If you're looking for an "aggressive" single fish, you're not gonna find it in a Pygocentrus.

Look to the Serrasalmus genus.


----------



## Dolphinswin (Jun 26, 2010)

SandNukka15 said:


> go with a ruby red spilo then you can keep in a 55 gallon for life where a rhom will outgrow it within a couple years. ruby reds seem to be more finger chasers and mine hits food as soon as it hits the water.....awesome fish hope this helps


Im guesssing a rhom would be fine for atleast 3-4 yrs.

agressive fish are hit and miss. piranha usually miss.


----------



## Johnny_Zanni (Nov 8, 2009)

Usually can't go wrong...


----------



## Dolphinswin (Jun 26, 2010)

Zanni I disagree. Sanchezi can be agressive but i would say yours was 1/10. I would think the rrs or mac would be more?

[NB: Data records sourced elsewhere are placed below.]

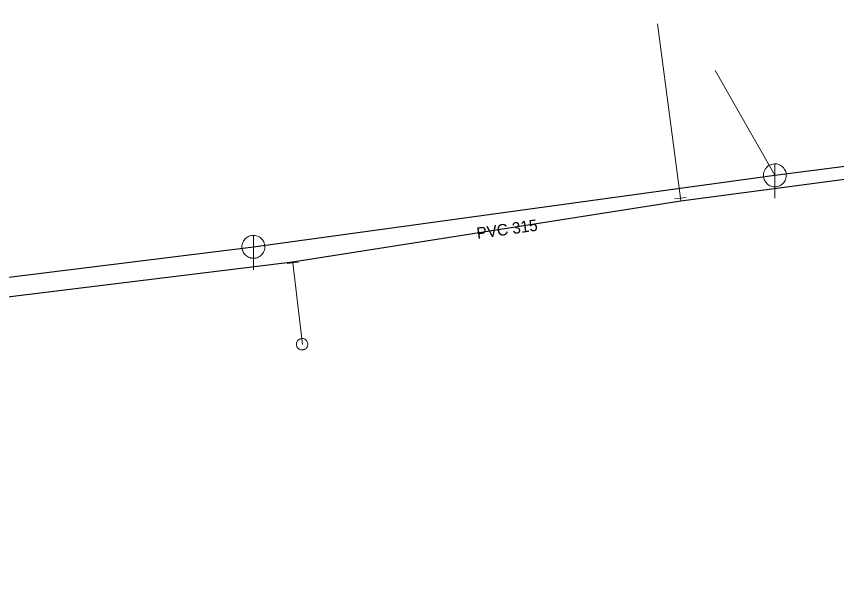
# Model space of a CAD drawing. Extents: x -807203 to -805207, y -993656 to -992505.
# Drawn here: x -806854.3 to -806782.7, y -993027.3 to -992977.1 of the extents above; entities that cross this region are included whole.
import ezdxf

# ---------------------------------------------------------------- set-up
doc = ezdxf.new("R2010")
doc.units = 0
doc.header["$LTSCALE"] = 0.4
for name, color, linetype, lineweight in [('1', 7, 'Continuous', 13), ('11', 7, 'Continuous', 13), ('13', 7, 'Continuous', 13), ('14', 7, 'Continuous', 25), ('17', 7, 'Continuous', 25), ('22', 7, 'Continuous', 13), ('23', 7, 'Continuous', 13), ('34', 7, 'Continuous', 13)]:
    doc.layers.add(name, color=color, linetype=linetype, lineweight=lineweight)

msp = doc.modelspace()

# ---------------------------------------------------------------- linework, layer by layer
at = {"layer": '11'}
msp.add_line((-806793.27, -992981.84), (-806788.059, -992990.989), dxfattribs=at)
at = {"layer": '13'}
for p in [(-806798.309, -992977.76), (-806796.28, -992993.219)]:
    msp.add_line(p, (-806796.308, -992992.991), dxfattribs=at)
msp.add_lwpolyline([(-806830.19, -992998.53), (-806830.177, -992998.62), (-806829.332, -993005.753)], dxfattribs=at)
at = {"layer": '14'}
msp.add_lwpolyline([(-807063.899, -993027.32), (-807029.679, -993022.599), (-806980.12, -993015.92), (-806932.19, -993009.809), (-806883.41, -993003.39), (-806833.609, -992997.23), (-806788.059, -992990.989), (-806765.85, -992988.129), (-806739.039, -992984.52), (-806699.85, -992977.12)], dxfattribs=at)
at = {"layer": '17'}
msp.add_lwpolyline([(-806889.945, -993005.863), (-806830.19, -992998.53), (-806796.28, -992993.219), (-806733.749, -992984.949)], dxfattribs=at)
at = {"layer": '22'}
for p, q in [((-806788.059, -992992.989), (-806788.058, -992989.989)), ((-806833.609, -992999.23), (-806833.608, -992996.23))]:
    msp.add_line(p, q, dxfattribs=at)
for points in [[(-806787.059, -992990.989), (-806787.064, -992990.88), (-806787.082, -992990.772), (-806787.112, -992990.666), (-806787.152, -992990.565), (-806787.204, -992990.468), (-806787.266, -992990.378), (-806787.338, -992990.295), (-806787.418, -992990.221), (-806787.506, -992990.155), (-806787.6, -992990.1), (-806787.7, -992990.055), (-806787.805, -992990.022), (-806787.912, -992990), (-806788.021, -992989.99), (-806788.131, -992989.992), (-806788.239, -992990.006), (-806788.346, -992990.031), (-806788.449, -992990.068), (-806788.547, -992990.117), (-806788.639, -992990.175), (-806788.725, -992990.244), (-806788.802, -992990.321), (-806788.871, -992990.407), (-806788.93, -992990.499), (-806788.978, -992990.597), (-806789.015, -992990.7), (-806789.041, -992990.807), (-806789.055, -992990.915), (-806789.058, -992991.025), (-806789.048, -992991.134), (-806789.027, -992991.241), (-806788.993, -992991.345), (-806788.949, -992991.445), (-806788.894, -992991.54), (-806788.828, -992991.628), (-806788.754, -992991.708), (-806788.671, -992991.78), (-806788.581, -992991.842), (-806788.485, -992991.894), (-806788.383, -992991.935), (-806788.278, -992991.965), (-806788.17, -992991.983), (-806788.06, -992991.989), (-806787.951, -992991.983), (-806787.843, -992991.965), (-806787.738, -992991.936), (-806787.636, -992991.895), (-806787.539, -992991.843), (-806787.449, -992991.781), (-806787.366, -992991.71), (-806787.291, -992991.63), (-806787.226, -992991.542), (-806787.17, -992991.448), (-806787.126, -992991.348), (-806787.092, -992991.244), (-806787.07, -992991.136), (-806787.06, -992991.027)], [(-806832.609, -992997.23), (-806832.614, -992997.121), (-806832.632, -992997.013), (-806832.662, -992996.907), (-806832.702, -992996.806), (-806832.754, -992996.709), (-806832.816, -992996.619), (-806832.888, -992996.536), (-806832.968, -992996.462), (-806833.056, -992996.396), (-806833.15, -992996.341), (-806833.25, -992996.296), (-806833.355, -992996.263), (-806833.462, -992996.241), (-806833.571, -992996.231), (-806833.681, -992996.233), (-806833.789, -992996.247), (-806833.896, -992996.272), (-806833.999, -992996.309), (-806834.097, -992996.358), (-806834.189, -992996.416), (-806834.275, -992996.485), (-806834.352, -992996.562), (-806834.421, -992996.648), (-806834.48, -992996.74), (-806834.528, -992996.838), (-806834.565, -992996.941), (-806834.591, -992997.048), (-806834.605, -992997.156), (-806834.608, -992997.266), (-806834.598, -992997.375), (-806834.577, -992997.482), (-806834.543, -992997.586), (-806834.499, -992997.686), (-806834.444, -992997.781), (-806834.378, -992997.869), (-806834.304, -992997.949), (-806834.221, -992998.021), (-806834.131, -992998.083), (-806834.035, -992998.135), (-806833.933, -992998.176), (-806833.828, -992998.206), (-806833.72, -992998.224), (-806833.61, -992998.23), (-806833.501, -992998.224), (-806833.393, -992998.206), (-806833.288, -992998.177), (-806833.186, -992998.136), (-806833.089, -992998.084), (-806832.999, -992998.022), (-806832.916, -992997.951), (-806832.841, -992997.871), (-806832.776, -992997.783), (-806832.72, -992997.689), (-806832.676, -992997.589), (-806832.642, -992997.485), (-806832.62, -992997.377), (-806832.61, -992997.268)]]:
    msp.add_lwpolyline(points, close=True, dxfattribs=at)
at = {"layer": '23'}
for points in [[(-806828.906, -993005.517), (-806828.929, -993005.472), (-806828.959, -993005.428), (-806828.995, -993005.388), (-806829.032, -993005.352), (-806829.074, -993005.32), (-806829.118, -993005.292), (-806829.165, -993005.27), (-806829.215, -993005.253), (-806829.265, -993005.241), (-806829.317, -993005.234), (-806829.369, -993005.233), (-806829.421, -993005.237), (-806829.473, -993005.246), (-806829.523, -993005.261), (-806829.572, -993005.281), (-806829.618, -993005.305), (-806829.659, -993005.335), (-806829.7, -993005.369), (-806829.737, -993005.407), (-806829.769, -993005.449), (-806829.796, -993005.493), (-806829.818, -993005.539), (-806829.836, -993005.59), (-806829.849, -993005.64), (-806829.855, -993005.693), (-806829.856, -993005.744), (-806829.852, -993005.796), (-806829.842, -993005.847), (-806829.828, -993005.898), (-806829.808, -993005.947), (-806829.783, -993005.992), (-806829.754, -993006.036), (-806829.721, -993006.076), (-806829.681, -993006.111), (-806829.641, -993006.144), (-806829.597, -993006.171), (-806829.548, -993006.194), (-806829.499, -993006.211), (-806829.448, -993006.224)], [(-806829.796, -993005.493), (-806829.818, -993005.539), (-806829.836, -993005.59), (-806829.849, -993005.64), (-806829.855, -993005.693), (-806829.856, -993005.744), (-806829.852, -993005.796), (-806829.842, -993005.847), (-806829.828, -993005.898), (-806829.808, -993005.947), (-806829.783, -993005.992), (-806829.754, -993006.036), (-806829.721, -993006.076), (-806829.681, -993006.111), (-806829.641, -993006.144), (-806829.597, -993006.171), (-806829.548, -993006.194), (-806829.499, -993006.211), (-806829.448, -993006.224), (-806829.396, -993006.229), (-806829.345, -993006.231), (-806829.293, -993006.228), (-806829.24, -993006.219), (-806829.19, -993006.204), (-806829.143, -993006.183), (-806829.097, -993006.159), (-806829.054, -993006.129), (-806829.014, -993006.094), (-806828.978, -993006.057), (-806828.946, -993006.016), (-806828.918, -993005.971), (-806828.896, -993005.924), (-806828.877, -993005.875), (-806828.865, -993005.823), (-806828.858, -993005.772), (-806828.857, -993005.72), (-806828.861, -993005.668), (-806828.871, -993005.615), (-806828.885, -993005.567), (-806828.906, -993005.517)], [(-806829.293, -993006.228), (-806829.24, -993006.219), (-806829.19, -993006.204), (-806829.143, -993006.183), (-806829.097, -993006.159), (-806829.054, -993006.129), (-806829.014, -993006.094), (-806828.978, -993006.057), (-806828.946, -993006.016), (-806828.918, -993005.971), (-806828.896, -993005.924), (-806828.877, -993005.875), (-806828.865, -993005.823), (-806828.858, -993005.772), (-806828.857, -993005.72), (-806828.861, -993005.668), (-806828.871, -993005.615), (-806828.885, -993005.567), (-806828.906, -993005.517), (-806828.929, -993005.472), (-806828.959, -993005.428), (-806828.995, -993005.388), (-806829.032, -993005.352), (-806829.074, -993005.32), (-806829.118, -993005.292), (-806829.165, -993005.27), (-806829.215, -993005.253), (-806829.265, -993005.241), (-806829.317, -993005.234), (-806829.369, -993005.233), (-806829.421, -993005.237), (-806829.473, -993005.246), (-806829.523, -993005.261), (-806829.572, -993005.281), (-806829.618, -993005.305), (-806829.659, -993005.335), (-806829.7, -993005.369), (-806829.737, -993005.407), (-806829.769, -993005.449), (-806829.796, -993005.493)], [(-806829.448, -993006.224), (-806829.396, -993006.229), (-806829.345, -993006.231), (-806829.293, -993006.228)]]:
    msp.add_lwpolyline(points, dxfattribs=at)
at = {"layer": '34'}
for p, q in [((-806795.812, -992992.925), (-806796.803, -992993.055)), ((-806830.673, -992998.679), (-806829.68, -992998.561))]:
    msp.add_line(p, q, dxfattribs=at)

# ---------------------------------------------------------------- texts
at = {"layer": '1'}
msp.add_text('PVC 315 ', height=1, rotation=8, dxfattribs=at).set_placement((-806814.032, -992996.551))

doc.saveas('drawing.dxf')

You should get a specific Species not Breed.


----------



## shoal king (Oct 27, 2006)

i would say go for an exodon paradox shoal. you can probably get 30 in there. there great to watch.
but if you really want a piranha. try and find an s. irritan or strawberry spilo, or a maculatus


----------



## Dolphinswin (Jun 26, 2010)

shoal king said:


> i would say go for an exodon paradox shoal. you can probably get 30 in there. there great to watch.
> but if you really want a piranha. try and find an s. irritan or strawberry spilo, or a maculatus


He wont find an irritans. OP strawberry spilo is a ruby red spilo. You wont be able to google that and get nearly as much info.


----------



## Johnny_Zanni (Nov 8, 2009)

Dolphinswin said:


> Zanni I disagree. Sanchezi can be agressive but i would say yours was 1/10. I would think the rrs or mac would be more?
> 
> You should get a specific Species not Breed.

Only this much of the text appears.